A small but prestigious college whose library includes books over 500 years old is keeping the history of Guadalajara and Jalisco alive.

Located in Zapopan’s historic center, the Colegio de Jalisco, which celebrates its 30th birthday later this year, was founded November 9, 1982. Focusing “fundamentally on western Mexico,” with special focus on the metropolitan zone, the college proclaims itself “a window to the west.”

“The Colegio de Jalisco performs two very important roles: teaching and investigation,” says President Jose Luis Leal Sanabria. Aside from these primary functions, the college also stages events such as art exhibitions, conferences and book presentations.

The college’s third president since its inception, Leal describes himself as the organization’s legal representative and explains, “it’s up to me to coordinate everyone.”

“The Colegio de Jalisco forms part of a network of 12 colleges” across Mexico, he says.

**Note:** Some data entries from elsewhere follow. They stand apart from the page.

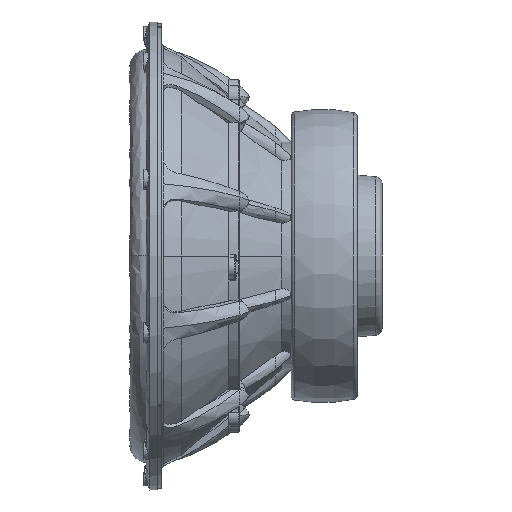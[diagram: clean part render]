
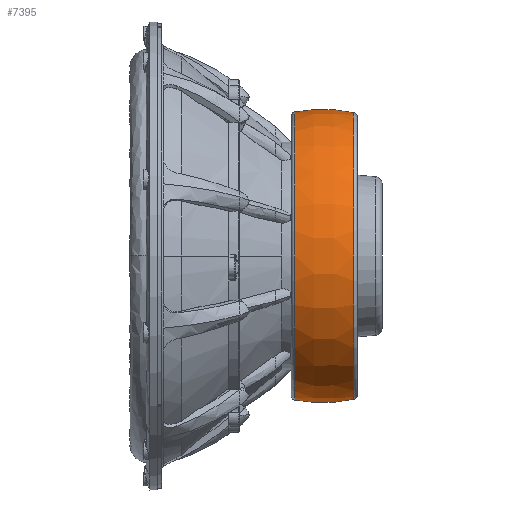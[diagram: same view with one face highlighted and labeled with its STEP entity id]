
A CAD part, left-side view. The second image highlights one B-rep face of the part: STEP entity #7395.
In plain terms, the highlighted toroidal (fillet/blend) face has major radius 0.248 mm and minor radius 100 mm.
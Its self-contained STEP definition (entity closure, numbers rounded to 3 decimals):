
#2444 = EDGE_CURVE ( 'NONE', #52921, #20210, #50799, .T. ) ;
#3229 = CARTESIAN_POINT ( 'NONE',  ( 0., -2.53, -98.425 ) ) ;
#7395 = ADVANCED_FACE ( 'NONE', ( #124953 ), #22555, .T. ) ;
#11148 = ORIENTED_EDGE ( 'NONE', *, *, #103281, .T. ) ;
#13295 = DIRECTION ( 'NONE',  ( 0., -1., 0. ) ) ;
#18969 = DIRECTION ( 'NONE',  ( 0., -1., 0. ) ) ;
#20210 = VERTEX_POINT ( 'NONE', #94953 ) ;
#22218 = EDGE_LOOP ( 'NONE', ( #11148, #78718, #50204, #69757 ) ) ;
#22241 = AXIS2_PLACEMENT_3D ( 'NONE', #75847, #85570, #114510 ) ;
#22555 = TOROIDAL_SURFACE ( 'NONE', #37220, 0.248, 100. ) ;
#28600 = VERTEX_POINT ( 'NONE', #3229 ) ;
#29918 = DIRECTION ( 'NONE',  ( 0., 0., 1. ) ) ;
#33990 = VERTEX_POINT ( 'NONE', #87728 ) ;
#37220 = AXIS2_PLACEMENT_3D ( 'NONE', #97215, #18969, #29918 ) ;
#40365 = DIRECTION ( 'NONE',  ( -1., 0., 0. ) ) ;
#41949 = DIRECTION ( 'NONE',  ( 0., -1., 0. ) ) ;
#50204 = ORIENTED_EDGE ( 'NONE', *, *, #2444, .F. ) ;
#50799 = CIRCLE ( 'NONE', #63254, 97.93 ) ;
#52826 = CIRCLE ( 'NONE', #77606, 98.425 ) ;
#52921 = VERTEX_POINT ( 'NONE', #86847 ) ;
#59413 = CIRCLE ( 'NONE', #22241, 100. ) ;
#60519 = DIRECTION ( 'NONE',  ( 0., 0., 1. ) ) ;
#62790 = CIRCLE ( 'NONE', #120424, 100. ) ;
#63254 = AXIS2_PLACEMENT_3D ( 'NONE', #112042, #13295, #80521 ) ;
#69757 = ORIENTED_EDGE ( 'NONE', *, *, #79575, .F. ) ;
#75847 = CARTESIAN_POINT ( 'NONE',  ( 0., -21.538, 0.248 ) ) ;
#77606 = AXIS2_PLACEMENT_3D ( 'NONE', #92427, #41949, #122714 ) ;
#78718 = ORIENTED_EDGE ( 'NONE', *, *, #87190, .T. ) ;
#79575 = EDGE_CURVE ( 'NONE', #33990, #52921, #59413, .T. ) ;
#80521 = DIRECTION ( 'NONE',  ( 0., 0., 1. ) ) ;
#85570 = DIRECTION ( 'NONE',  ( 1., 0., 0. ) ) ;
#86847 = CARTESIAN_POINT ( 'NONE',  ( 0., -42.942, 97.93 ) ) ;
#87190 = EDGE_CURVE ( 'NONE', #28600, #20210, #62790, .T. ) ;
#87728 = CARTESIAN_POINT ( 'NONE',  ( 0., -2.53, 98.425 ) ) ;
#89610 = CARTESIAN_POINT ( 'NONE',  ( 0., -21.538, -0.248 ) ) ;
#92427 = CARTESIAN_POINT ( 'NONE',  ( 0., -2.53, 0. ) ) ;
#94953 = CARTESIAN_POINT ( 'NONE',  ( 0., -42.942, -97.93 ) ) ;
#97215 = CARTESIAN_POINT ( 'NONE',  ( 0., -21.538, 0. ) ) ;
#103281 = EDGE_CURVE ( 'NONE', #33990, #28600, #52826, .T. ) ;
#112042 = CARTESIAN_POINT ( 'NONE',  ( 0., -42.942, 0. ) ) ;
#114510 = DIRECTION ( 'NONE',  ( 0., 0., -1. ) ) ;
#120424 = AXIS2_PLACEMENT_3D ( 'NONE', #89610, #40365, #60519 ) ;
#122714 = DIRECTION ( 'NONE',  ( 0., 0., 1. ) ) ;
#124953 = FACE_OUTER_BOUND ( 'NONE', #22218, .T. ) ;

It offers two postgraduate courses. “The first is a doctorate in social sciences, and the other is a masters in regional studies.”

The college currently has 11 doctorate students and 10 studying for a masters. Additionally, there are 22 students taking another course in professional public policy. Those taking the two postgraduate courses receive grants of 8,000 to 10,000 pesos per month from the National Council for Science and Technology for as long as their studies last.

The college itself currently receives funding “from the state government budget, through the Jalisco Education Secretary. This is relatively recent, before we had to ask for donations,” reveals Leal. Further funds come “from the Guadalajara and Zapopan city councils and our own resources,” he adds.

“We have one of the best specialist libraries,” boasts Leal.  “The building is municipal property. The library is not just for internal use by our investigators; we also have a public room for the general population.”

The Miguel Mathes Library takes its name from a U.S. historian, who in 1995 donated the Colegio de Jalisco his collection of 45,000 documents on the colonial history of northern and western Mexico. Dedicated to social sciences and humanities, the library aims to provide the academic community and general public with easy access to printed and electronic information.

The library has 95,000 items in total, including books, newspapers, magazines and maps, some of which are unique editions. There are also over 1,000 audiovisual items, including CDs, DVDs, audiocassettes, slides and microfilms.

Wrapped in special protective paper, the oldest documents are carefully stored at a specific temperature and humidity to ensure their condition does not deteriorate.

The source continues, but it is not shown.